7. Create an Advanced Android Passcode and Lock Screen configuration to turn on multi-factor authentication (MFA) for the lock screen and work profile challenge using a biometric fingerprint, face unlock, or iris (eye) scan instead of a passcode or PIN.

8. Enable Device Encryption. This may sound counter-intuitive but encrypting your personal and work data on the device can prevent the cybercriminals from threatening to publish your work or company information online.

9. Backup data automatically onto a cloud storage provider like Google Drive, OneDrive, Box or Dropbox. Make secondary and tertiary copies of backups using two or more of these personal storage providers since some offer free storage. Also, backup personal data onto a local hard drive that is encrypted, password-protected and disconnected from the device and network.

10. Enable Android Enterprise or Samsung KNOX on the device to containerize, encrypt, and isolate the work profile data from your personal data in BYOD or COPE deployments. Android Enterprise in the various deployment modes and Samsung KNOX can be provisioned by Ivanti UEM for Mobile or MobileIron Core.

11. For BYOD deployments, create a blacklist of disallowed apps on the device. For company-owned devices, create a whitelist of allowed apps that can be installed on the device. Both settings can be configured within MobileIron Core’s App Control feature and applied to the security policy. For Android Enterprise devices, Restricted Apps and Allowed Apps can be applied to the Lockdown & Kiosk configuration or Create an App Control configuration to whitelist or blacklist apps within the personal profile side of the device. This can also be configured within Ivanti UEM for Mobile’s Allowed App settings and Policies & Compliance.

12. Configure a VPN client on the device like MobileIron Tunnel, Ivanti Secure Connect or Zero Trust Access to protect sensitive data-in-motion between the mobile device and MobileIron Sentry or Connect Secure or ZTA gateways.

13. Enable Ivanti Zero Sign-On (ZSO) for conditional access rules like trusted user, trusted device, and trusted app authentication to critical work resources on-premises, at the data center, or up in the cloud.
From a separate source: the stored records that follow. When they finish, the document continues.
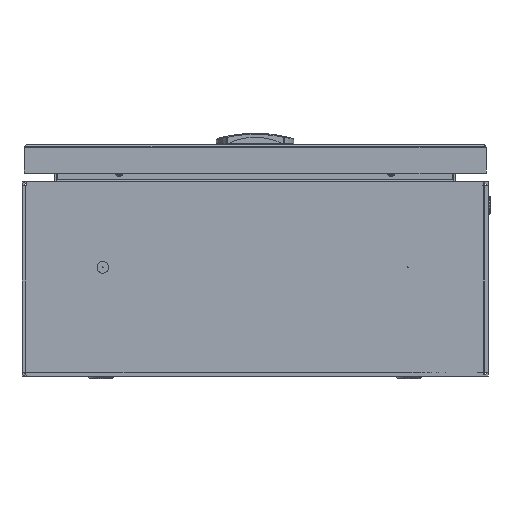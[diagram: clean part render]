
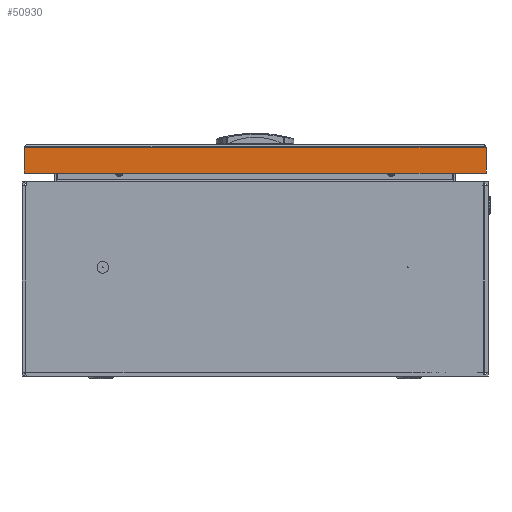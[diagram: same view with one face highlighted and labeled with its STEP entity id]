
A CAD part, left-side view. The second image highlights one B-rep face of the part: STEP entity #50930.
In plain terms, the highlighted planar face has unit normal (-1, 0, 0) as drawn and (1, 0, 0) by its records, which use the part's own axes.
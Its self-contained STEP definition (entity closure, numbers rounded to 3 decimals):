
#48277 = VERTEX_POINT('',#48278);
#48278 = CARTESIAN_POINT('',(148.5,148.5,1.8));
#48291 = EDGE_CURVE('',#48277,#48292,#48294,.T.);
#48292 = VERTEX_POINT('',#48293);
#48293 = CARTESIAN_POINT('',(148.5,-148.5,1.8));
#48294 = LINE('',#48295,#48296);
#48295 = CARTESIAN_POINT('',(148.5,-146.7,1.8));
#48296 = VECTOR('',#48297,1.);
#48297 = DIRECTION('',(0.,-1.,0.));
#50930 = ADVANCED_FACE('',(#50931),#50956,.F.);
#50931 = FACE_BOUND('',#50932,.T.);
#50932 = EDGE_LOOP('',(#50933,#50934,#50942,#50950));
#50933 = ORIENTED_EDGE('',*,*,#48291,.F.);
#50934 = ORIENTED_EDGE('',*,*,#50935,.T.);
#50935 = EDGE_CURVE('',#48277,#50936,#50938,.T.);
#50936 = VERTEX_POINT('',#50937);
#50937 = CARTESIAN_POINT('',(148.5,148.5,18.5));
#50938 = LINE('',#50939,#50940);
#50939 = CARTESIAN_POINT('',(148.5,148.5,1.8));
#50940 = VECTOR('',#50941,1.);
#50941 = DIRECTION('',(0.,0.,1.));
#50942 = ORIENTED_EDGE('',*,*,#50943,.T.);
#50943 = EDGE_CURVE('',#50936,#50944,#50946,.T.);
#50944 = VERTEX_POINT('',#50945);
#50945 = CARTESIAN_POINT('',(148.5,-148.5,18.5));
#50946 = LINE('',#50947,#50948);
#50947 = CARTESIAN_POINT('',(148.5,-146.7,18.5));
#50948 = VECTOR('',#50949,1.);
#50949 = DIRECTION('',(0.,-1.,0.));
#50950 = ORIENTED_EDGE('',*,*,#50951,.F.);
#50951 = EDGE_CURVE('',#48292,#50944,#50952,.T.);
#50952 = LINE('',#50953,#50954);
#50953 = CARTESIAN_POINT('',(148.5,-148.5,1.8));
#50954 = VECTOR('',#50955,1.);
#50955 = DIRECTION('',(0.,0.,1.));
#50956 = PLANE('',#50957);
#50957 = AXIS2_PLACEMENT_3D('',#50958,#50959,#50960);
#50958 = CARTESIAN_POINT('',(148.5,-146.7,18.5));
#50959 = DIRECTION('',(-1.,0.,0.));
#50960 = DIRECTION('',(0.,0.,1.));
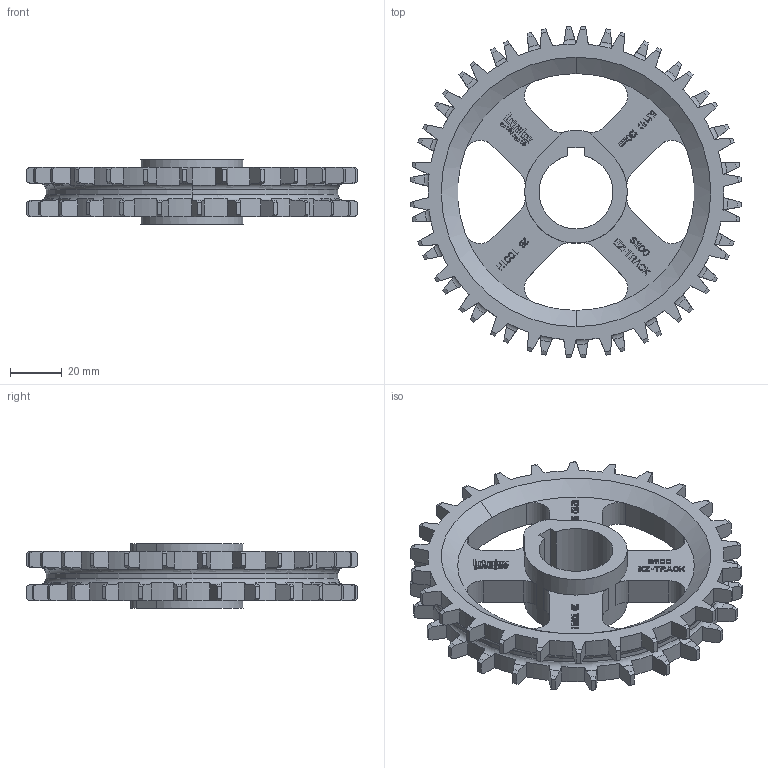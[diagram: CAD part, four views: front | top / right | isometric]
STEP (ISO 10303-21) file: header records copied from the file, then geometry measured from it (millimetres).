
FILE_DESCRIPTION((''),'2;1');
FILE_NAME('S1100_EZ_TRACK_CLEAN_51X1_PILOT','2008-12-12T',('jmumphre'),(''),'PRO/ENGINEER BY PARAMETRIC TECHNOLOGY CORPORATION, 2008150','PRO/ENGINEER BY PARAMETRIC TECHNOLOGY CORPORATION, 2008150','');
FILE_SCHEMA(('CONFIG_CONTROL_DESIGN'));
Length unit declared in the file: inch
Products named in the file (1): S1100_EZ_TRACK_CLEAN_51X1_PILOT
Bounding box: 127.95 x 127.99 x 24.89 mm (x, y, z)
Volume: 107350.7 mm3; surface area: 35372.5 mm2
Topology: 1 solids, 1 shells, 1459 faces, 4189 edges, 2786 vertices
Faces by surface type: plane 1232, cylinder 167, cone 56, torus 4
Entity records: 47965 total; most frequent: CARTESIAN_POINT 9714, ORIENTED_EDGE 8378, DIRECTION 7313, EDGE_CURVE 4189, VECTOR 3455, LINE 3455, VERTEX_POINT 2786, AXIS2_PLACEMENT_3D 1929

Also, enable MFA using the stronger inherence (biometrics) and possession (device-as-identity or security key) authentication factors. Passwords and PINs can be phished, guessed or brute forced.

14. As a last resort, there are anti-malware vendors that provide software to detect and remove ransomware from an infected device. The user can also boot the device into Safe Mode, deactivate the Device Administrator for the malware, and then uninstall it.

In the next blog in this series, we will discuss ransomware attacks and remediation on iOS and iPadOS mobile devices, and macOS laptops and desktops.